Kloosterman's team began using the MinIon for whole-genome sequencing in April of this year, using the R7 chemistry. By September, the group had switched to the R9 chemistry and completed around 90 runs, reaching just below 10X coverage with the R7 and R9 chemistries. They then upgraded to the R9.4 chemistry and by mid November had run 122 flow cells and generated a 16X mean coverage genome.

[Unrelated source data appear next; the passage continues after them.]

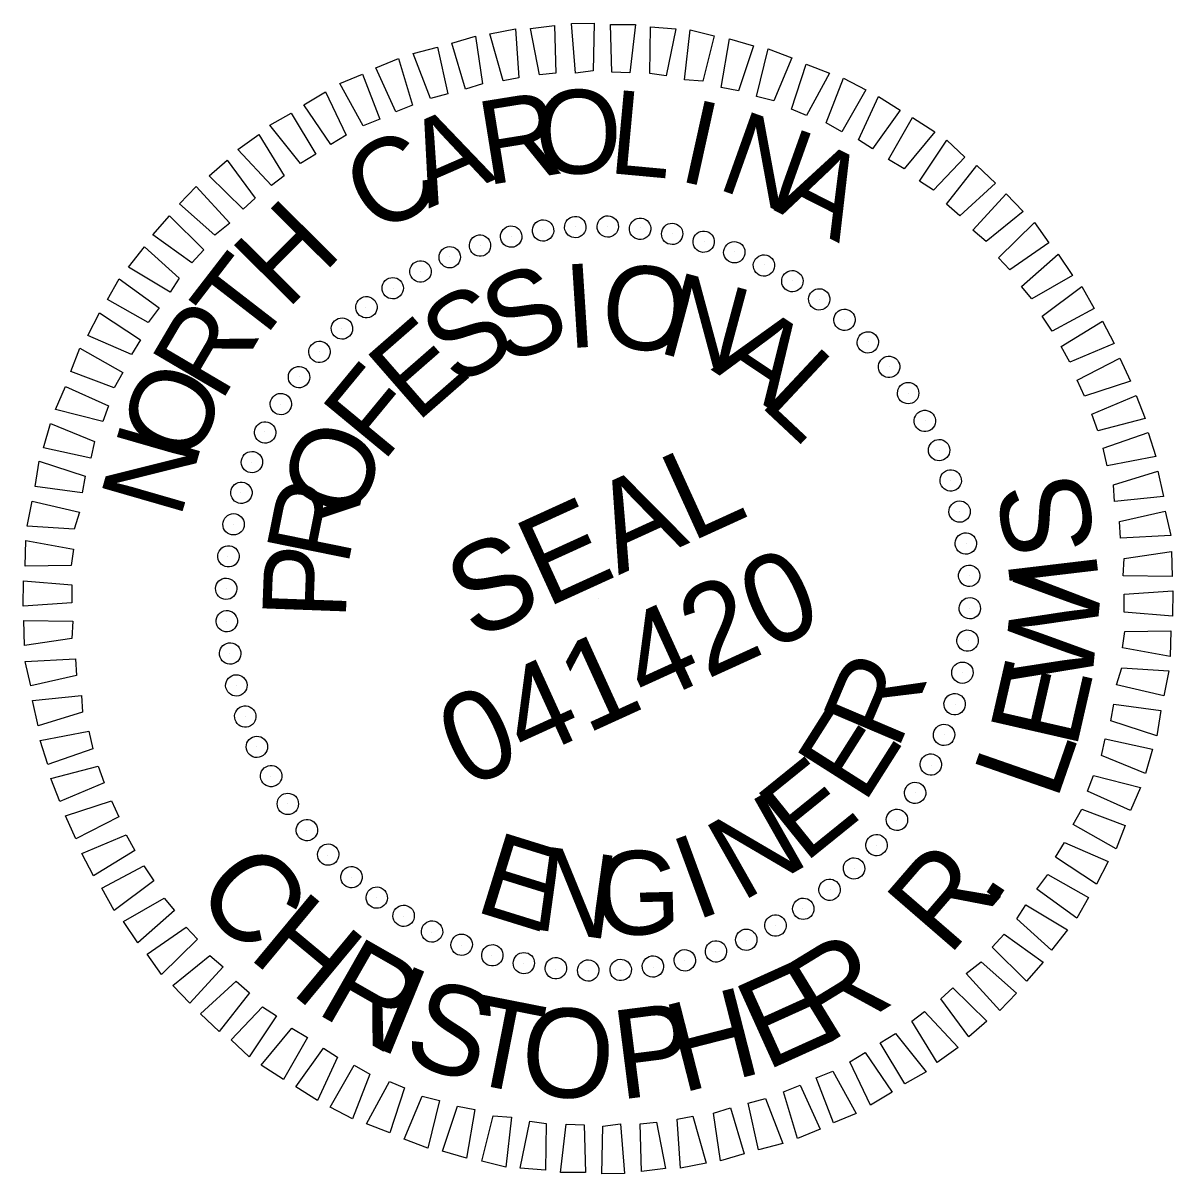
# Model space of a CAD drawing. Extents: x 2246788 to 2250969, y 662010 to 664598.
# Drawn here: x 2248634.4 to 2248712, y 663700.9 to 663778.5 of the extents above; entities that cross this region are included whole.
import ezdxf

# ---------------------------------------------------------------- set-up
doc = ezdxf.new("R2010")
doc.units = 0
doc.layers.add('Sheet PE Seal Cell', color=7, linetype='Continuous')

msp = doc.modelspace()

# ---------------------------------------------------------------- linework, layer by layer
at = {"layer": 'Sheet PE Seal Cell'}
for p, q in [((2248671.685, 663764.801), (2248671.685, 663764.801)), ((2248673.878, 663764.811), (2248673.878, 663764.811)), ((2248676.067, 663764.71), (2248676.067, 663764.71)), ((2248667.386, 663764.106), (2248667.386, 663764.106)), ((2248669.483, 663764.567), (2248669.483, 663764.567)), ((2248678.223, 663764.319), (2248678.223, 663764.319)), ((2248665.284, 663763.533), (2248665.284, 663763.533)), ((2248680.375, 663763.816), (2248680.375, 663763.816)), ((2248682.408, 663763.093), (2248682.408, 663763.093)), ((2248663.22, 663762.757), (2248663.22, 663762.757)), ((2248661.239, 663761.799), (2248661.239, 663761.799)), ((2248684.457, 663762.214), (2248684.457, 663762.214)), ((2248686.32, 663761.14), (2248686.32, 663761.14)), ((2248659.407, 663760.635), (2248659.407, 663760.635)), ((2248657.571, 663759.358), (2248657.571, 663759.358)), ((2248688.154, 663759.888), (2248688.154, 663759.888)), ((2248689.873, 663758.528), (2248689.873, 663758.528)), ((2248655.909, 663757.941), (2248655.909, 663757.941)), ((2248691.43, 663757.04), (2248691.43, 663757.04)), ((2248654.42, 663756.384), (2248654.42, 663756.384)), ((2248692.847, 663755.378), (2248692.847, 663755.378)), ((2248653.061, 663754.666), (2248653.061, 663754.666)), ((2248694.123, 663753.542), (2248694.123, 663753.542)), ((2248651.808, 663752.831), (2248651.808, 663752.831)), ((2248695.288, 663751.709), (2248695.288, 663751.709)), ((2248650.734, 663750.968), (2248650.734, 663750.968)), ((2248696.246, 663749.728), (2248696.246, 663749.728)), ((2248649.855, 663748.919), (2248649.855, 663748.919)), ((2248697.021, 663747.664), (2248697.021, 663747.664)), ((2248649.133, 663746.887), (2248649.133, 663746.887)), ((2248697.594, 663745.563), (2248697.594, 663745.563)), ((2248648.63, 663744.734), (2248648.63, 663744.734)), ((2248698.056, 663743.465), (2248698.056, 663743.465)), ((2248648.239, 663742.578), (2248648.239, 663742.578)), ((2248698.289, 663741.264), (2248698.289, 663741.264)), ((2248648.137, 663740.389), (2248648.137, 663740.389)), ((2248673.219, 663739.73), (2248673.219, 663739.73)), ((2248698.3, 663739.071), (2248698.3, 663739.071)), ((2248648.148, 663738.196), (2248648.148, 663738.196)), ((2248698.198, 663736.882), (2248698.198, 663736.882)), ((2248648.381, 663735.995), (2248648.381, 663735.995)), ((2248697.807, 663734.725), (2248697.807, 663734.725)), ((2248648.843, 663733.897), (2248648.843, 663733.897)), ((2248697.305, 663732.573), (2248697.305, 663732.573)), ((2248649.416, 663731.795), (2248649.416, 663731.795)), ((2248696.582, 663730.541), (2248696.582, 663730.541)), ((2248650.192, 663729.731), (2248650.192, 663729.731)), ((2248695.703, 663728.491), (2248695.703, 663728.491)), ((2248651.149, 663727.75), (2248651.149, 663727.75)), ((2248694.629, 663726.628), (2248694.629, 663726.628)), ((2248652.314, 663725.918), (2248652.314, 663725.918)), ((2248693.377, 663724.794), (2248693.377, 663724.794)), ((2248653.59, 663724.082), (2248653.59, 663724.082)), ((2248692.017, 663723.075), (2248692.017, 663723.075)), ((2248655.007, 663722.42), (2248655.007, 663722.42)), ((2248690.529, 663721.518), (2248690.529, 663721.518)), ((2248656.564, 663720.932), (2248656.564, 663720.932)), ((2248688.866, 663720.101), (2248688.866, 663720.101)), ((2248658.283, 663719.572), (2248658.283, 663719.572)), ((2248660.117, 663718.32), (2248660.117, 663718.32)), ((2248687.03, 663718.825), (2248687.03, 663718.825)), ((2248685.198, 663717.661), (2248685.198, 663717.661)), ((2248661.98, 663717.246), (2248661.98, 663717.246)), ((2248683.217, 663716.703), (2248683.217, 663716.703)), ((2248664.029, 663716.366), (2248664.029, 663716.366)), ((2248681.153, 663715.927), (2248681.153, 663715.927)), ((2248666.062, 663715.644), (2248666.062, 663715.644)), ((2248668.214, 663715.141), (2248668.214, 663715.141)), ((2248679.051, 663715.354), (2248679.051, 663715.354)), ((2248670.37, 663714.75), (2248670.37, 663714.75)), ((2248672.559, 663714.649), (2248672.559, 663714.649)), ((2248674.753, 663714.659), (2248674.753, 663714.659)), ((2248676.954, 663714.893), (2248676.954, 663714.893))]:
    msp.add_line(p, q, dxfattribs=at)
for points in [[(2248666.826, 663774.62), (2248665.933, 663777.785), (2248667.646, 663778.125), (2248667.885, 663774.828)], [(2248669.279, 663775.023), (2248668.676, 663778.155), (2248670.294, 663778.343), (2248670.38, 663775.14)], [(2248671.7, 663775.137), (2248671.44, 663778.481), (2248672.963, 663778.515), (2248672.891, 663775.296)], [(2248674.141, 663775.206), (2248674.055, 663778.409), (2248675.756, 663778.414), (2248675.37, 663775.162)], [(2248676.711, 663775.113), (2248676.758, 663778.266), (2248678.475, 663778.115), (2248677.824, 663774.961)], [(2248679.045, 663774.693), (2248679.435, 663778.058), (2248681.053, 663777.642), (2248680.295, 663774.604)], [(2248664.277, 663774.063), (2248663.36, 663777.161), (2248664.965, 663777.618), (2248665.431, 663774.424)], [(2248681.533, 663774.178), (2248682.076, 663777.448), (2248683.715, 663776.986), (2248682.687, 663773.935)], [(2248661.927, 663773.432), (2248660.762, 663776.472), (2248662.387, 663776.883), (2248663.102, 663773.747)], [(2248683.904, 663773.556), (2248684.692, 663776.772), (2248686.281, 663776.177), (2248685.08, 663773.267)], [(2248659.59, 663772.532), (2248658.242, 663775.489), (2248659.765, 663776.128), (2248660.703, 663772.984)], [(2248686.268, 663772.71), (2248687.25, 663775.74), (2248688.839, 663775.145), (2248687.282, 663772.293)], [(2248657.385, 663771.582), (2248655.81, 663774.436), (2248657.332, 663775.074), (2248658.498, 663772.034)], [(2248688.607, 663771.797), (2248689.767, 663774.799), (2248691.282, 663774.006), (2248689.658, 663771.178)], [(2248655.214, 663770.318), (2248653.387, 663773.002), (2248654.851, 663773.888), (2248656.244, 663770.952)], [(2248690.78, 663770.645), (2248692.139, 663773.572), (2248693.605, 663772.646), (2248691.72, 663770.029)], [(2248653.155, 663769.05), (2248651.1, 663771.63), (2248652.539, 663772.45), (2248654.184, 663769.684)], [(2248692.813, 663769.319), (2248694.437, 663772.146), (2248695.923, 663771.175), (2248693.865, 663768.699)], [(2248651.199, 663767.554), (2248648.937, 663769.985), (2248650.339, 663771.008), (2248652.051, 663768.217)], [(2248694.908, 663767.856), (2248696.731, 663770.609), (2248697.965, 663769.468), (2248695.848, 663767.24)], [(2248649.284, 663765.967), (2248646.994, 663768.22), (2248648.218, 663769.272), (2248650.095, 663766.721)], [(2248696.71, 663766.314), (2248698.772, 663768.902), (2248700.027, 663767.716), (2248697.621, 663765.52)], [(2248647.387, 663764.223), (2248645.001, 663766.323), (2248646.117, 663767.491), (2248648.4, 663765.015)], [(2248698.503, 663764.549), (2248700.74, 663766.996), (2248701.883, 663765.814), (2248699.394, 663763.801)], [(2248645.82, 663762.356), (2248643.203, 663764.24), (2248644.323, 663765.52), (2248646.634, 663763.221)], [(2248700.227, 663762.696), (2248702.662, 663765.07), (2248703.619, 663763.693), (2248700.98, 663761.886)], [(2248644.361, 663760.372), (2248641.558, 663762.062), (2248642.637, 663763.433), (2248644.977, 663761.312)], [(2248701.768, 663760.761), (2248704.24, 663762.932), (2248705.218, 663761.509), (2248702.476, 663759.93)], [(2248642.878, 663758.322), (2248640.137, 663759.876), (2248640.926, 663761.279), (2248643.63, 663759.324)], [(2248703.172, 663758.764), (2248705.84, 663760.749), (2248706.681, 663759.264), (2248703.852, 663757.755)], [(2248641.771, 663756.17), (2248638.819, 663757.462), (2248639.612, 663758.977), (2248642.366, 663757.155)], [(2248704.441, 663756.704), (2248707.232, 663758.416), (2248708.028, 663756.911), (2248705.029, 663755.654)], [(2248640.593, 663753.93), (2248637.679, 663755.019), (2248638.274, 663756.609), (2248641.168, 663754.961)], [(2248705.523, 663754.45), (2248708.418, 663755.934), (2248709.123, 663754.387), (2248706.02, 663753.358)], [(2248639.818, 663751.653), (2248636.647, 663752.461), (2248637.308, 663754.026), (2248640.214, 663752.713)], [(2248706.514, 663752.155), (2248709.513, 663753.411), (2248710.106, 663751.868), (2248706.92, 663751.021)], [(2248639.013, 663749.198), (2248635.838, 663749.895), (2248636.3, 663751.534), (2248639.277, 663750.308)], [(2248707.282, 663749.867), (2248710.318, 663750.921), (2248710.841, 663749.291), (2248707.552, 663748.671)], [(2248638.436, 663746.848), (2248635.274, 663747.275), (2248635.537, 663748.988), (2248638.633, 663747.982)], [(2248707.975, 663747.381), (2248710.962, 663748.302), (2248711.348, 663746.61), (2248708.046, 663746.259)], [(2248637.9, 663744.406), (2248634.73, 663744.609), (2248635.06, 663746.298), (2248638.255, 663745.556)], [(2248708.379, 663744.927), (2248711.469, 663745.621), (2248711.835, 663743.975), (2248708.45, 663743.806)], [(2248637.7, 663741.952), (2248634.588, 663741.907), (2248634.628, 663743.629), (2248637.852, 663743.065)], [(2248708.691, 663742.432), (2248711.885, 663742.899), (2248711.937, 663741.219), (2248708.626, 663741.249)], [(2248637.743, 663739.444), (2248634.446, 663739.205), (2248634.485, 663740.926), (2248637.742, 663740.652)], [(2248708.694, 663740.016), (2248711.991, 663740.255), (2248711.952, 663738.533), (2248708.695, 663738.807)], [(2248637.746, 663737.027), (2248634.552, 663736.561), (2248634.5, 663738.241), (2248637.811, 663738.211)], [(2248708.737, 663737.508), (2248711.849, 663737.552), (2248711.809, 663735.831), (2248708.585, 663736.395)], [(2248638.058, 663734.532), (2248634.968, 663733.838), (2248634.602, 663735.485), (2248637.987, 663735.654)], [(2248708.537, 663735.054), (2248711.707, 663734.85), (2248711.377, 663733.161), (2248708.182, 663733.903)], [(2248638.462, 663732.079), (2248635.475, 663731.157), (2248635.089, 663732.85), (2248638.391, 663733.2)], [(2248708.001, 663732.612), (2248711.163, 663732.185), (2248710.9, 663730.471), (2248707.804, 663731.478)], [(2248639.156, 663729.593), (2248636.119, 663728.539), (2248635.596, 663730.169), (2248638.885, 663730.788)], [(2248707.424, 663730.261), (2248710.599, 663729.565), (2248710.137, 663727.926), (2248707.16, 663729.152)], [(2248639.923, 663727.305), (2248636.924, 663726.048), (2248636.331, 663727.591), (2248639.517, 663728.438)], [(2248706.62, 663727.806), (2248709.79, 663726.998), (2248709.129, 663725.434), (2248706.223, 663726.747)], [(2248640.914, 663725.009), (2248638.019, 663723.525), (2248637.314, 663725.072), (2248640.417, 663726.101)], [(2248705.844, 663725.53), (2248708.758, 663724.44), (2248708.164, 663722.851), (2248705.27, 663724.499)], [(2248641.997, 663722.755), (2248639.205, 663721.043), (2248638.409, 663722.549), (2248641.408, 663723.806)], [(2248704.667, 663723.29), (2248707.618, 663721.998), (2248706.825, 663720.482), (2248704.072, 663722.305)], [(2248643.265, 663720.696), (2248640.598, 663718.711), (2248639.756, 663720.196), (2248642.585, 663721.705)], [(2248703.56, 663721.137), (2248706.3, 663719.584), (2248705.511, 663718.18), (2248702.807, 663720.135)], [(2248644.669, 663718.698), (2248642.197, 663716.528), (2248641.219, 663717.95), (2248643.961, 663719.529)], [(2248702.076, 663719.088), (2248704.879, 663717.398), (2248703.8, 663716.027), (2248701.46, 663718.148)], [(2248646.211, 663716.763), (2248643.776, 663714.39), (2248642.818, 663715.767), (2248645.457, 663717.573)], [(2248700.617, 663717.104), (2248703.234, 663715.22), (2248702.114, 663713.94), (2248699.803, 663716.238)], [(2248647.934, 663714.911), (2248645.697, 663712.463), (2248644.554, 663713.646), (2248647.043, 663715.659)], [(2248699.051, 663715.236), (2248701.436, 663713.136), (2248700.32, 663711.968), (2248698.037, 663714.445)], [(2248649.727, 663713.146), (2248647.665, 663710.557), (2248646.41, 663711.744), (2248648.816, 663713.939)], [(2248697.153, 663713.492), (2248699.443, 663711.239), (2248698.219, 663710.187), (2248696.342, 663712.739)], [(2248651.529, 663711.604), (2248649.706, 663708.85), (2248648.472, 663709.991), (2248650.589, 663712.22)], [(2248695.238, 663711.906), (2248697.5, 663709.475), (2248696.098, 663708.451), (2248694.387, 663711.243)], [(2248653.624, 663710.141), (2248652, 663707.313), (2248650.514, 663708.284), (2248652.572, 663710.761)], [(2248693.283, 663710.41), (2248695.337, 663707.83), (2248693.898, 663707.009), (2248692.253, 663709.776)], [(2248655.657, 663708.815), (2248654.298, 663705.888), (2248652.833, 663706.813), (2248654.717, 663709.43)], [(2248691.223, 663709.142), (2248693.05, 663706.458), (2248691.586, 663705.571), (2248690.193, 663708.508)], [(2248657.83, 663707.662), (2248656.671, 663704.661), (2248655.155, 663705.454), (2248656.779, 663708.282)], [(2248689.052, 663707.878), (2248690.627, 663705.024), (2248689.105, 663704.385), (2248687.939, 663707.426)], [(2248660.169, 663706.75), (2248659.187, 663703.72), (2248657.598, 663704.314), (2248659.155, 663707.167)], [(2248686.847, 663706.928), (2248688.195, 663703.971), (2248686.673, 663703.332), (2248685.734, 663706.476)], [(2248662.533, 663705.904), (2248661.746, 663702.688), (2248660.156, 663703.282), (2248661.357, 663706.192)], [(2248684.51, 663706.028), (2248685.676, 663702.988), (2248684.05, 663702.576), (2248683.335, 663705.712)], [(2248664.905, 663705.281), (2248664.361, 663702.012), (2248662.722, 663702.473), (2248663.75, 663705.524)], [(2248682.16, 663705.397), (2248683.078, 663702.298), (2248681.472, 663701.841), (2248681.006, 663705.036)], [(2248667.392, 663704.766), (2248667.002, 663701.402), (2248665.384, 663701.818), (2248666.142, 663704.856)], [(2248669.726, 663704.346), (2248669.68, 663701.193), (2248667.962, 663701.345), (2248668.613, 663704.498)], [(2248672.296, 663704.254), (2248672.382, 663701.051), (2248670.681, 663701.045), (2248671.067, 663704.298)], [(2248674.737, 663704.322), (2248674.997, 663700.979), (2248673.474, 663700.944), (2248673.546, 663704.164)], [(2248677.158, 663704.436), (2248677.761, 663701.304), (2248676.143, 663701.116), (2248676.058, 663704.319)], [(2248679.612, 663704.84), (2248680.504, 663701.675), (2248678.791, 663701.334), (2248678.552, 663704.632)]]:
    msp.add_lwpolyline(points, close=True, dxfattribs=at)
for centre, major_axis in [((2248671.688, 663764.763), (-0.044, 0.719)), ((2248673.876, 663764.801), (0.019, 0.72)), ((2248667.365, 663764.117), (-0.168, 0.7)), ((2248669.512, 663764.534), (-0.106, 0.712)), ((2248676.059, 663764.648), (0.082, 0.715)), ((2248678.22, 663764.306), (0.144, 0.706)), ((2248665.261, 663763.514), (-0.228, 0.683)), ((2248680.343, 663763.777), (0.205, 0.69)), ((2248682.411, 663763.064), (0.264, 0.67)), ((2248663.219, 663762.73), (-0.287, 0.66)), ((2248661.252, 663761.771), (-0.344, 0.633)), ((2248684.41, 663762.174), (0.321, 0.644)), ((2248686.324, 663761.114), (0.376, 0.614)), ((2248659.377, 663760.644), (-0.397, 0.6)), ((2248657.607, 663759.358), (-0.448, 0.563)), ((2248688.137, 663759.89), (0.428, 0.579)), ((2248689.838, 663758.513), (0.477, 0.539)), ((2248655.955, 663757.923), (-0.496, 0.522)), ((2248691.412, 663756.993), (0.522, 0.496)), ((2248654.435, 663756.349), (-0.539, 0.477)), ((2248692.847, 663755.342), (0.563, 0.448)), ((2248653.058, 663754.649), (-0.579, 0.428)), ((2248694.133, 663753.572), (0.6, 0.397)), ((2248651.835, 663752.835), (-0.614, 0.376)), ((2248695.26, 663751.696), (0.633, 0.344)), ((2248650.774, 663750.921), (-0.644, 0.321)), ((2248696.219, 663749.73), (0.66, 0.287)), ((2248649.884, 663748.922), (-0.67, 0.264)), ((2248697.003, 663747.687), (0.683, 0.228)), ((2248649.172, 663746.854), (-0.69, 0.205)), ((2248697.606, 663745.584), (0.7, 0.168)), ((2248648.642, 663744.731), (-0.706, 0.144)), ((2248698.023, 663743.436), (0.712, 0.106)), ((2248648.3, 663742.57), (-0.715, 0.082)), ((2248698.252, 663741.26), (0.719, 0.044)), ((2248648.147, 663740.387), (-0.72, 0.019)), ((2248698.29, 663739.072), (0.72, -0.019)), ((2248648.185, 663738.2), (-0.719, -0.044)), ((2248698.137, 663736.89), (0.715, -0.082)), ((2248648.414, 663736.024), (-0.712, -0.106)), ((2248697.795, 663734.729), (0.706, -0.144)), ((2248648.831, 663733.876), (-0.7, -0.168)), ((2248697.266, 663732.606), (0.69, -0.205)), ((2248649.434, 663731.773), (-0.683, -0.228)), ((2248696.553, 663730.537), (0.67, -0.264)), ((2248650.218, 663729.73), (-0.66, -0.287)), ((2248695.663, 663728.538), (0.644, -0.321)), ((2248651.177, 663727.763), (-0.633, -0.344)), ((2248694.602, 663726.625), (0.614, -0.376)), ((2248652.304, 663725.888), (-0.6, -0.397)), ((2248693.379, 663724.811), (0.579, -0.428)), ((2248653.59, 663724.118), (-0.563, -0.448)), ((2248692.002, 663723.111), (0.539, -0.477)), ((2248655.026, 663722.467), (-0.522, -0.496)), ((2248690.482, 663721.537), (0.496, -0.522)), ((2248656.599, 663720.947), (-0.477, -0.539)), ((2248688.831, 663720.101), (0.448, -0.563)), ((2248658.3, 663719.57), (-0.428, -0.579)), ((2248660.114, 663718.346), (-0.376, -0.614)), ((2248687.06, 663718.815), (0.397, -0.6)), ((2248662.027, 663717.285), (-0.321, -0.644)), ((2248685.185, 663717.689), (0.344, -0.633)), ((2248683.218, 663716.73), (0.287, -0.66)), ((2248664.026, 663716.395), (-0.264, -0.67)), ((2248681.176, 663715.946), (0.228, -0.683)), ((2248666.095, 663715.683), (-0.205, -0.69)), ((2248668.218, 663715.153), (-0.144, -0.706)), ((2248679.073, 663715.343), (0.168, -0.7)), ((2248670.379, 663714.811), (-0.082, -0.715)), ((2248672.561, 663714.658), (-0.019, -0.72)), ((2248674.749, 663714.697), (0.044, -0.719)), ((2248676.925, 663714.925), (0.106, -0.712))]:
    msp.add_ellipse(centre, major_axis=major_axis, ratio=0.999708, dxfattribs=at)

# ---------------------------------------------------------------- texts
for s, height, rotation, p in [('O', 5.638, 1.91911, (2248669.058, 663768.274)), ('L', 5.638, 354.71882, (2248673.829, 663768.415)), ('R', 5.638, 9.11904, (2248665.698, 663767.568)), ('I', 5.638, 347.51808, (2248678.509, 663767.911)), ('N', 5.639, 340.31685, (2248681.109, 663767.392)), ('A', 5.638, 23.51826, (2248661.794, 663766.008)), ('C', 5.638, 30.71781, (2248658.324, 663764.097)), ('A', 5.639, 333.1151, (2248685.016, 663765.93)), ('H', 5.638, 45.11742, (2248652.237, 663759.126)), ('T', 5.638, 52.31772, (2248649.964, 663756.277)), ('S', 5.638, 22.39834, (2248666.939, 663755.44)), ('I', 5.638, 3.68755, (2248671.142, 663756.586)), ('O', 5.638, 354.33143, (2248673.252, 663756.779)), ('N', 5.638, 344.97455, (2248677.13, 663756.348)), ('S', 5.638, 31.75355, (2248663.684, 663753.902)), ('R', 5.639, 59.51845, (2248647.782, 663752.865)), ('E', 5.638, 41.10901, (2248660.98, 663751.516)), ('A', 5.639, 326.25821, (2248680.801, 663755.164)), ('L', 5.639, 316.89879, (2248684.006, 663752.833)), ('F', 5.638, 50.46498, (2248658.69, 663748.824)), ('O', 5.639, 66.71968, (2248645.928, 663748.613)), ('N', 5.639, 73.92144, (2248645.038, 663745.021)), ('O', 5.639, 69.17918, (2248656.91, 663744.771)), ('SEAL', 5.9982, 24.49794, (2248664.86, 663736.853)), ('S', 5.998, 100.55241, (2248706.865, 663743.131)), ('R', 5.639, 78.53759, (2248656.333, 663741.816)), ('P', 5.639, 87.89683, (2248656.204, 663738.241)), ('041420', 5.9982, 24.49794, (2248664.31, 663726.87)), ('I', 5.998, 96.75046, (2248707.017, 663740.893)), ('W', 5.998, 84.21639, (2248706.464, 663733.53)), ('R', 5.639, 66.97935, (2248693.409, 663729.424)), ('E', 5.998, 77.10705, (2248705.441, 663729.463)), ('E', 5.638, 57.62203, (2248691.153, 663725.814)), ('L', 5.998, 70.83229, (2248704.126, 663726.003)), ('E', 5.638, 38.9097, (2248687.139, 663721.842)), ('N', 5.638, 29.55433, (2248682.884, 663719.243)), ('E', 5.638, 342.77483, (2248664.784, 663718.688)), ('I', 5.638, 20.19914, (2248679.773, 663717.991)), ('N', 5.639, 352.1319, (2248668.634, 663717.475)), ('G', 5.638, 1.48818, (2248673.025, 663717.004)), ('R', 5.998, 49.11789, (2248696.854, 663715.542)), ('C', 5.998, 310.69992, (2248645.831, 663719.89)), ('.', 5.998, 56.59815, (2248699.801, 663718.825)), ('H', 5.998, 320.28207, (2248649.516, 663715.608)), ('R', 5.998, 330.26605, (2248654.057, 663711.864)), ('R', 5.998, 31.43728, (2248688.391, 663709.506)), ('E', 5.998, 24.32794, (2248684.534, 663707.861)), ('I', 5.998, 337.74631, (2248657.848, 663709.607)), ('S', 5.998, 341.54826, (2248659.879, 663708.654)), ('H', 5.998, 14.34395, (2248678.837, 663706.382)), ('T', 5.998, 348.87397, (2248663.95, 663707.206)), ('O', 5.998, 355.67421, (2248667.867, 663706.338)), ('P', 5.998, 7.23461, (2248674.667, 663705.943))]:
    msp.add_text(s, height=height, rotation=rotation, dxfattribs=at).set_placement(p)

doc.saveas('drawing.dxf')

The genome they chose to sequence was that of an individual with chromothripsis, a phenomenon involved in congenital diseases as well as cancer that is characterized by complex genome rearrangements. The individual had also been sequenced using Illumina technology, which had identified 40 breakpoints involved in structural variants.
Using nanopore sequencing may be preferable for this, however, due to the longer reads. "To figure out what went wrong, we need to be able to build the long-range structure of the rearrangements, which is difficult to do from short-read data," Kloosterman said.
To analyze the nanopore data, Kloosterman's group developed a structural variant caller, NanoSV, which was able to detect all 40 breakpoints that had been identified by Illumina sequencing. The researchers also wanted to see whether the MinIon could uncover additional structural variants. They looked for structural variants genome wide, using three different callers on the nanopore data, including NanoSV, and they compared the nanopore data with the Illumina data. In general, when structural variant calls overlapped between the Illumina data and nanopore data, the calls were accurate, Kloosterman said. But accuracy dropped considerably if structural variants were only called by two different nanopore callers. The NanoSV caller, in particular, had about a 30 percent to 40 percent validation rate for calls that were not also called by Illumina sequencing.
The group plans to continue to refine NanoSV by tweaking its parameters."We want to fine tune the caller on the algorithmic side to catch more signatures and find more support for the structural variants that we can pick up," Klooseterman said, adding that it is a matter of balancing sensitivity and specificity. In addition, he said, the group wants to optimize the tool for speed and ease of use. The researchers do not plan to commercialize NanoSV, which Kloosterman said is freely available on GitHub.
Another important application the group demonstrated is the ability of the nanopore sequence data to determine heritability. Kloosterman said that because of the long reads, the researchers were able to figure out whether the structural variant breakpoints originated on maternal or paternal chromosomes. For the patient they sequenced, for example, all 40 breakpoints were inherited paternally. "That gives new biological insights into how the disease originated," Kloosterman said.
The group has since begun sequencing the genome of a second patient, aiming for 15X coverage, which Kloosterman hopes will be possible with between 15 and 20 sequencing runs using the R9.4 chemistry.
Longer term, Kloosterman is interested in applying the technology to cancer genomes. If the team gains access to the higher throughput PromethIon, he would also like to apply it to population sequencing projects. As part of the Genome of the Netherlands project, "we've found many structural variants, and it would be interesting to apply long-read technology to that project," he said.
Because the current error rate is just below 10 percent, Kloosterman said, structural variant detection is a more appealing application than analyzing SNVs. Nonetheless, researchers have now demonstrated that the MinIon can generate "robust sequencing of human genomes," he said, which is a "paradigm shift."